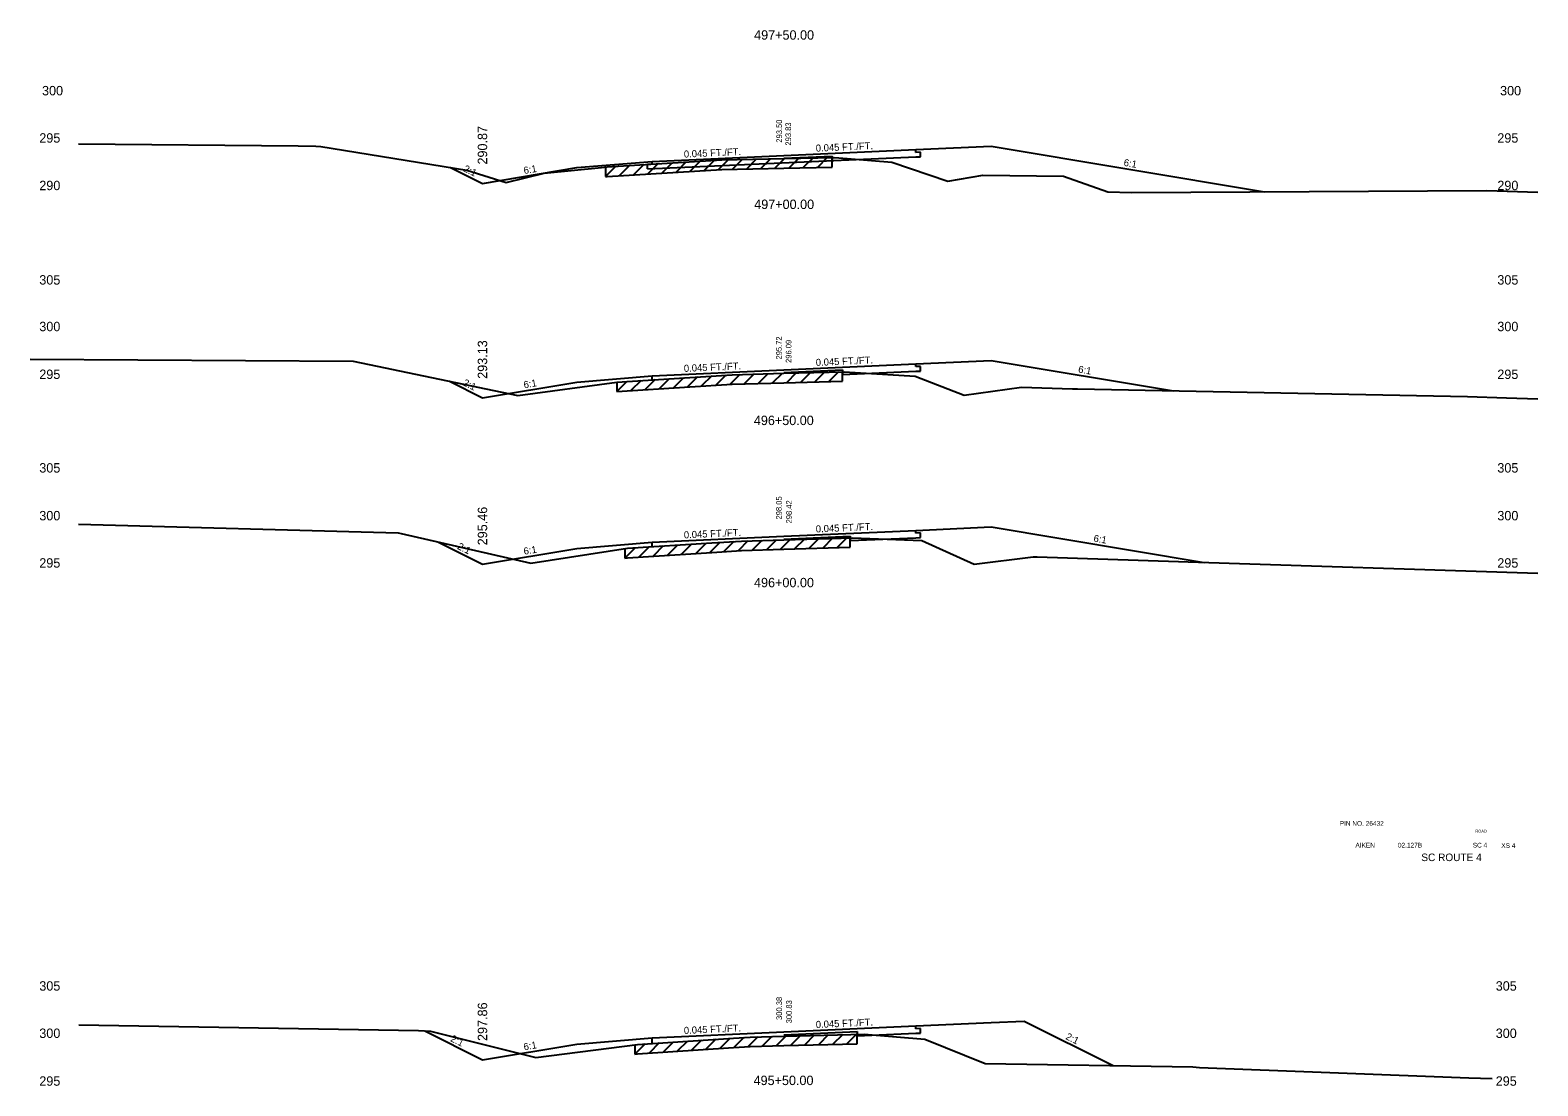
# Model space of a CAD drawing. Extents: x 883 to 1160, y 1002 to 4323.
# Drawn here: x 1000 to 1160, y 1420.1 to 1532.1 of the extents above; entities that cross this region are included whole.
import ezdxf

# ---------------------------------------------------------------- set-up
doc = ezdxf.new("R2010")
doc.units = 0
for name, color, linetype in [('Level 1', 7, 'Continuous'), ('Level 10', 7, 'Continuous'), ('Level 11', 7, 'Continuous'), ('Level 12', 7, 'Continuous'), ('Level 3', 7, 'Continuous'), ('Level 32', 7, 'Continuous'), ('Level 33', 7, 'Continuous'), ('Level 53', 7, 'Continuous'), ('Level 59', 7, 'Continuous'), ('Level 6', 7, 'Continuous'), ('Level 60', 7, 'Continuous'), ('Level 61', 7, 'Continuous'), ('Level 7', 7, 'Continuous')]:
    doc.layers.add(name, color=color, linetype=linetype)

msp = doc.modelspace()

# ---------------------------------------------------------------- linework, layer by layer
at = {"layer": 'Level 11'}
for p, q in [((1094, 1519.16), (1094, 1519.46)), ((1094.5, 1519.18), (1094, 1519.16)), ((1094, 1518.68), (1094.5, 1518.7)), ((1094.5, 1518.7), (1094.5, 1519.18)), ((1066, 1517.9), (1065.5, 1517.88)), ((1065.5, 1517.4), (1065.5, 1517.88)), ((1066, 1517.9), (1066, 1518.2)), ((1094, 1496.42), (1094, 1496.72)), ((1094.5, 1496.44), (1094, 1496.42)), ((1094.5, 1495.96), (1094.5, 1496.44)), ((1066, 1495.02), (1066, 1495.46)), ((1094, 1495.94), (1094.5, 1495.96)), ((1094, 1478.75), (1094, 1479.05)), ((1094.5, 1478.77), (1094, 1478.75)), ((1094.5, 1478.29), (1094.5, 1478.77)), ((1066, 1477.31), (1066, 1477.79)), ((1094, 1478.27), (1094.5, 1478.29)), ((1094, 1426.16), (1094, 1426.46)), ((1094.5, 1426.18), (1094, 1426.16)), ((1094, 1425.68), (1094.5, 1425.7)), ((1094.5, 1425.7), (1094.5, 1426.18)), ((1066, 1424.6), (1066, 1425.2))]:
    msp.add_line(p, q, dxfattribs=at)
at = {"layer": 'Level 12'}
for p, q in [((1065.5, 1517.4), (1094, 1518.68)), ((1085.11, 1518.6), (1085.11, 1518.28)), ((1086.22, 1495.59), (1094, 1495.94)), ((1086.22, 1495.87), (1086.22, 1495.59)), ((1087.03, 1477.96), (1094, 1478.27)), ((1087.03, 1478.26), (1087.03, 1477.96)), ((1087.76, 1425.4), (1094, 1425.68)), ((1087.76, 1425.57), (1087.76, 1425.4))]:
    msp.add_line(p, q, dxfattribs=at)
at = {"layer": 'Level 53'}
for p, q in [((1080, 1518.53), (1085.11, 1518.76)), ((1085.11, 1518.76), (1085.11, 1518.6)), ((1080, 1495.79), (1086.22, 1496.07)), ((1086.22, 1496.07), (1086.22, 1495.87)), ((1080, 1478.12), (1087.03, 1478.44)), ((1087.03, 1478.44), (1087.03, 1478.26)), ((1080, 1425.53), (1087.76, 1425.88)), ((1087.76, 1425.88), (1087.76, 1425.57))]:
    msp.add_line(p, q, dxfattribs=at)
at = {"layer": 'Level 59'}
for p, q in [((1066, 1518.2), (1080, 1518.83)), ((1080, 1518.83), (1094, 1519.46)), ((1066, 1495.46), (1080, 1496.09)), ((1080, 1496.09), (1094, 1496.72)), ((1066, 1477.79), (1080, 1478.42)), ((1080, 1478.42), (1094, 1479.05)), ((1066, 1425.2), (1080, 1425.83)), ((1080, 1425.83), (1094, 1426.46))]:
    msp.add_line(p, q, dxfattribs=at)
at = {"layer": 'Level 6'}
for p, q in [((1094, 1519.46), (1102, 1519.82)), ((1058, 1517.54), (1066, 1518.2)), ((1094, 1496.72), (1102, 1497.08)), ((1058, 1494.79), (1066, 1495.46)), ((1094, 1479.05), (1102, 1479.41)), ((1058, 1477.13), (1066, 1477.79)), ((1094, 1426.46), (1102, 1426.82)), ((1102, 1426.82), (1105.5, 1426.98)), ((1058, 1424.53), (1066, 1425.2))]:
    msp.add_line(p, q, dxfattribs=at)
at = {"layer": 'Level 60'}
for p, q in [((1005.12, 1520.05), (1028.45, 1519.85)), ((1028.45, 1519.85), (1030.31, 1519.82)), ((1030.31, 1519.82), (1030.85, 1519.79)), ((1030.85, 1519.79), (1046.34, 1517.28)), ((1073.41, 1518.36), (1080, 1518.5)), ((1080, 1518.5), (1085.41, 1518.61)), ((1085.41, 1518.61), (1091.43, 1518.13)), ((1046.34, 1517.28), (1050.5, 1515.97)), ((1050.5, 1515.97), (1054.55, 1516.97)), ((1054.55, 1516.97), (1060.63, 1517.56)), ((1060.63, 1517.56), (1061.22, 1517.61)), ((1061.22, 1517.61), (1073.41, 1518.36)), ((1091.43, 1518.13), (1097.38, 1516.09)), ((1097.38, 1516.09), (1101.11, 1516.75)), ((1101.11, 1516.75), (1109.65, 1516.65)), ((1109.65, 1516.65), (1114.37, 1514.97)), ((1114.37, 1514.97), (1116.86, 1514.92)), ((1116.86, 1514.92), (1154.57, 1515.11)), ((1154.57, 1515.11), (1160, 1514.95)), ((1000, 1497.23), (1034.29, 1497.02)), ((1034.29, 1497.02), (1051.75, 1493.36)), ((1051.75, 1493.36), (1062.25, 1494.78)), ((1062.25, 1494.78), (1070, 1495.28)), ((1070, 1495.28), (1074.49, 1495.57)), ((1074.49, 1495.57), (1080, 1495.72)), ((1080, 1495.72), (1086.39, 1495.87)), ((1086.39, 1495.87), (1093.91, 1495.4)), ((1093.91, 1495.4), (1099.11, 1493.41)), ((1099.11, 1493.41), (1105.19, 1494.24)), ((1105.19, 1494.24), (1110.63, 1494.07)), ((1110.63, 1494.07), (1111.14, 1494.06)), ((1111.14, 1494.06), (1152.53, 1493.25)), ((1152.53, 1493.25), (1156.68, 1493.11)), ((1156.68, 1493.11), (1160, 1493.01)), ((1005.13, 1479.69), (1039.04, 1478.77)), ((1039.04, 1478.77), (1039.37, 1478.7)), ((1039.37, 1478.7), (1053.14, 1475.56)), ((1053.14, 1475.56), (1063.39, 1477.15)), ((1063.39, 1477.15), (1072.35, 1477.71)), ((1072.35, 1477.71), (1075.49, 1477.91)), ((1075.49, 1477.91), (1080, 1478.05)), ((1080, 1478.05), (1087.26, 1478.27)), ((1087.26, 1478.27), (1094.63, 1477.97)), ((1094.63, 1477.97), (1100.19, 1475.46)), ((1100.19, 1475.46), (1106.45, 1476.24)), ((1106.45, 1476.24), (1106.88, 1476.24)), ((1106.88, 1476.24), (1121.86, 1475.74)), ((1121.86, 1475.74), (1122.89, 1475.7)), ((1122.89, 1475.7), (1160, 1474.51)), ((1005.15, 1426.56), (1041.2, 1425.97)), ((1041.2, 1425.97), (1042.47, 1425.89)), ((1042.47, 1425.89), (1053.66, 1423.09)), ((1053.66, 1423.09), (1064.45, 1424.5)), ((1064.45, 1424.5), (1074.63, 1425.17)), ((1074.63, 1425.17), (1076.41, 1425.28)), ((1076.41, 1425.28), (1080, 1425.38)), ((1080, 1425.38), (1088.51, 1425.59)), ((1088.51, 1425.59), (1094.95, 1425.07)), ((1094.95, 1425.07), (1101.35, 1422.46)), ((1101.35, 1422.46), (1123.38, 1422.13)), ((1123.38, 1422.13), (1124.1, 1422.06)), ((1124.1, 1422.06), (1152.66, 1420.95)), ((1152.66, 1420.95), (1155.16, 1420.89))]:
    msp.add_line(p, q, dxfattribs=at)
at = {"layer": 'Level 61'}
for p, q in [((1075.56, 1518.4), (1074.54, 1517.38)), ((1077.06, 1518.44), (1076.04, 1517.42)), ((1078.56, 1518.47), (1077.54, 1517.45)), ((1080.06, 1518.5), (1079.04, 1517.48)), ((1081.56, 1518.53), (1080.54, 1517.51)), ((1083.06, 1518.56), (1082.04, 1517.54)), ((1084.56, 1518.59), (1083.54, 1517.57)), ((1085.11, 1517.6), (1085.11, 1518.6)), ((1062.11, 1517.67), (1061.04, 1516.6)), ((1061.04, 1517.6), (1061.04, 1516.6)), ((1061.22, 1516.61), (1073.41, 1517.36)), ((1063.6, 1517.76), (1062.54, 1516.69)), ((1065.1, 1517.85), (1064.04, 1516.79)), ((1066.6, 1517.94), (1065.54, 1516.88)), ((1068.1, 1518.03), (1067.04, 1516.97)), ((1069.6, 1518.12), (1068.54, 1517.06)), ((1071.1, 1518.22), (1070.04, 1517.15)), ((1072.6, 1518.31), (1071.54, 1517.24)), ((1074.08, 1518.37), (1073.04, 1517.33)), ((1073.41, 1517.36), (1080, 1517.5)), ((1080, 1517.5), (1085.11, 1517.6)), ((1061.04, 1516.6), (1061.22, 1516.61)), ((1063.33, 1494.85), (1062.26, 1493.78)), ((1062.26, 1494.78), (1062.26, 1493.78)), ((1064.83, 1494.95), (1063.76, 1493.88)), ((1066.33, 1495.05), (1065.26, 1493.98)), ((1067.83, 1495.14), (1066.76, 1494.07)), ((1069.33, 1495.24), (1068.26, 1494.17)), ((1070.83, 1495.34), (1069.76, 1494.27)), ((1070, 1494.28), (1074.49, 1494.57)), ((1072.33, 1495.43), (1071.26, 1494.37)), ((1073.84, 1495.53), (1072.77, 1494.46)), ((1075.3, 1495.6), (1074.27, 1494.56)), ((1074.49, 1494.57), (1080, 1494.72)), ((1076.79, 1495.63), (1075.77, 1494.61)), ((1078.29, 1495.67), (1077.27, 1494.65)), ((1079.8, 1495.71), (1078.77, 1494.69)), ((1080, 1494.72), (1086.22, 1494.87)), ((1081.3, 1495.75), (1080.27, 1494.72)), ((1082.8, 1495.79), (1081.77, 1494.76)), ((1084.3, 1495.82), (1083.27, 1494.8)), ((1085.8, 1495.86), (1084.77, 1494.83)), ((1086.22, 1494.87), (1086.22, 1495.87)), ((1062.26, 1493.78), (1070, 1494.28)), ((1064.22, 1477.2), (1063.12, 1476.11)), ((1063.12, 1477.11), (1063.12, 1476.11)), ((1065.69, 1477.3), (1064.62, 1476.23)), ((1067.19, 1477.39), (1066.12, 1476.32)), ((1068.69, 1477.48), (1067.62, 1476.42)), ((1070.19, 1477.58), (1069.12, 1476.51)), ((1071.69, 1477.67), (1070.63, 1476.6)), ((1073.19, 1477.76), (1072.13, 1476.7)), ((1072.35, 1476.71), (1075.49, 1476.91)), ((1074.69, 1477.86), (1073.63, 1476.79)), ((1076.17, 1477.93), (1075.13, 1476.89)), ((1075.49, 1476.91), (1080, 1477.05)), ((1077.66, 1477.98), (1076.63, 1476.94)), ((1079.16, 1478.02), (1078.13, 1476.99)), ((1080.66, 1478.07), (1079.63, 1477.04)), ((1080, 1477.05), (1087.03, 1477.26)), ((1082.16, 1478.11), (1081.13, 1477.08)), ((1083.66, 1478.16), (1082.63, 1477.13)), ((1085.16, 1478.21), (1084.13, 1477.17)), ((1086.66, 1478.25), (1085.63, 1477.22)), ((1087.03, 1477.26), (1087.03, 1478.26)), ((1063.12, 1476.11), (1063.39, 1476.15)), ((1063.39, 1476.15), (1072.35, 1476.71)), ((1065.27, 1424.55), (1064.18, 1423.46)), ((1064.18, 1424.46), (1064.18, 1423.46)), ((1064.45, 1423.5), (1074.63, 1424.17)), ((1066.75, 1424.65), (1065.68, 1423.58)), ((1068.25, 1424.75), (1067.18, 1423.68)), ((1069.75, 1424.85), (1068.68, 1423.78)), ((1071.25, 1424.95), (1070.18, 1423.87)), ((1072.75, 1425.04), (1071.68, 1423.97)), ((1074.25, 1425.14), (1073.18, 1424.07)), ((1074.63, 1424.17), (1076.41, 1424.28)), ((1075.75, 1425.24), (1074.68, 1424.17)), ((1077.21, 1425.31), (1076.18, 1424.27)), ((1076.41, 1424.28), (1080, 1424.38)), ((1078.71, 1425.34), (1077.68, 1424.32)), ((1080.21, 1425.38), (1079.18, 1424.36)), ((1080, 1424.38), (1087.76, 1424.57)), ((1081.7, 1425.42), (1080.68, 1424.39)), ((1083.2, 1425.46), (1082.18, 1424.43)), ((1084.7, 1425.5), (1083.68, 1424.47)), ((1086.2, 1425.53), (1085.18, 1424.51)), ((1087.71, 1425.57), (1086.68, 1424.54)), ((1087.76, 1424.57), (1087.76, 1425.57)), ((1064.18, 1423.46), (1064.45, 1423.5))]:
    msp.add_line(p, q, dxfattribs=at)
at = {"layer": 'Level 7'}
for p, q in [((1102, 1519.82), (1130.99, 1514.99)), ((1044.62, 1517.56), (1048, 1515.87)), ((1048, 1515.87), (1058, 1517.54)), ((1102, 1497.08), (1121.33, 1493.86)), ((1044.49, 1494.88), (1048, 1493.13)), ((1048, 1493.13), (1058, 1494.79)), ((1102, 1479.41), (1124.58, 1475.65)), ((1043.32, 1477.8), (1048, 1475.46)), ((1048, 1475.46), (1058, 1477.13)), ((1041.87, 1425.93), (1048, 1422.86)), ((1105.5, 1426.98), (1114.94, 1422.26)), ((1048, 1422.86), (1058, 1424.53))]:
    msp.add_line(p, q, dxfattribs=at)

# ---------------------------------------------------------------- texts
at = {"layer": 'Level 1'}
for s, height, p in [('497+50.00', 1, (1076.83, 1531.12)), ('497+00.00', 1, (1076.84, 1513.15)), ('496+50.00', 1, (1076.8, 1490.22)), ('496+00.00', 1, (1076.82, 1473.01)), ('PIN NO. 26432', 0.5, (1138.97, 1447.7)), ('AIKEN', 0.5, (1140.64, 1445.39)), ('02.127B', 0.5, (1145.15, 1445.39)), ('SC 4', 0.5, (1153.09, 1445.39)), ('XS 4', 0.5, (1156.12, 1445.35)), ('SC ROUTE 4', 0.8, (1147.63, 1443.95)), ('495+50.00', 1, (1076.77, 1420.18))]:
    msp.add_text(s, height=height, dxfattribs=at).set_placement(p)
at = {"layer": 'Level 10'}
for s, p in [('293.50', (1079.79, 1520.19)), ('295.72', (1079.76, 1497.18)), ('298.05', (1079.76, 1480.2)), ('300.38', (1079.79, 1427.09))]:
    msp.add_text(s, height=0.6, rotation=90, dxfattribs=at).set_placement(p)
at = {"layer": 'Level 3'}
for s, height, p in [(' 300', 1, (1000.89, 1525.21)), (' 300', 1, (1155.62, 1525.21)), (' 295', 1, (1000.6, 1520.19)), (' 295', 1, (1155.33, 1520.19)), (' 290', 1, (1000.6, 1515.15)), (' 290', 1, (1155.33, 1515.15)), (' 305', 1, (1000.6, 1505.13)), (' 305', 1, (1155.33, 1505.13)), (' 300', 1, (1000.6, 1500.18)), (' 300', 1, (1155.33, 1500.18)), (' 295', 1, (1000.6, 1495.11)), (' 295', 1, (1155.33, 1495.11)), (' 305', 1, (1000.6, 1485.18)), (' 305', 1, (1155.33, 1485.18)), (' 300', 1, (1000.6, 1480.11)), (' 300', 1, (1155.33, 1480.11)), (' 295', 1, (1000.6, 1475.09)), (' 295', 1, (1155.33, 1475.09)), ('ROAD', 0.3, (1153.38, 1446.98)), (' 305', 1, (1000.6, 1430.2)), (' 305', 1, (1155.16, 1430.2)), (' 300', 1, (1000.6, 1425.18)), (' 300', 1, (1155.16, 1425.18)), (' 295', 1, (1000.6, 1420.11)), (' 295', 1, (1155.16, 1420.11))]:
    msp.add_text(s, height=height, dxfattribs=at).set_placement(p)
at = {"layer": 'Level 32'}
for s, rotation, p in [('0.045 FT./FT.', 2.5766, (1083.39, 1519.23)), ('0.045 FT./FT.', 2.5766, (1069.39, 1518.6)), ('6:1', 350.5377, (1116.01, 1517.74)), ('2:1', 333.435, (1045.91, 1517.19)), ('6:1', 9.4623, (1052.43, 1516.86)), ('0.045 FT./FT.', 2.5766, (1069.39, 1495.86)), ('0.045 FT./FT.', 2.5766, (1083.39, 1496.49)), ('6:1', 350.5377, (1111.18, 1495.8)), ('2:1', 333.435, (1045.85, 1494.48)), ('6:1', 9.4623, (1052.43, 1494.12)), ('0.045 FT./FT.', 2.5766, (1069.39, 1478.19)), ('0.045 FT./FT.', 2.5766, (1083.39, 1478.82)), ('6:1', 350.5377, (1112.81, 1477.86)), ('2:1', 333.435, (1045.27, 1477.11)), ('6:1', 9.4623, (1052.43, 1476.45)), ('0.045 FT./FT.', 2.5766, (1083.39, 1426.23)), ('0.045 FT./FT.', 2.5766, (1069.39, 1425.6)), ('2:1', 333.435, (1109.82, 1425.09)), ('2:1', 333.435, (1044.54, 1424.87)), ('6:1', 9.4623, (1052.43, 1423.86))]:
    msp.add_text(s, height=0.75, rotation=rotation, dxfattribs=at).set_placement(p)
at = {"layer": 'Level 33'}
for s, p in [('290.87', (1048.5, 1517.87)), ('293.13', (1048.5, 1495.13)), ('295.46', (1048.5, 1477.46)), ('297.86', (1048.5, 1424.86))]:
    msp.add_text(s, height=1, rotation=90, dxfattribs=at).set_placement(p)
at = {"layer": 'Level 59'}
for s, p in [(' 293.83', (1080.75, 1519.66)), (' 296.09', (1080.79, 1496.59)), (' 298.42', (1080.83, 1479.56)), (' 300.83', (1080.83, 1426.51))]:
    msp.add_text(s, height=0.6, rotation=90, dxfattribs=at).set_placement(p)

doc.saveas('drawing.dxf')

......

▶ TO DO
Go over the records above and tally the lines with the word "name" in them. Give the number alone.

▶ TASK SOLUTION
2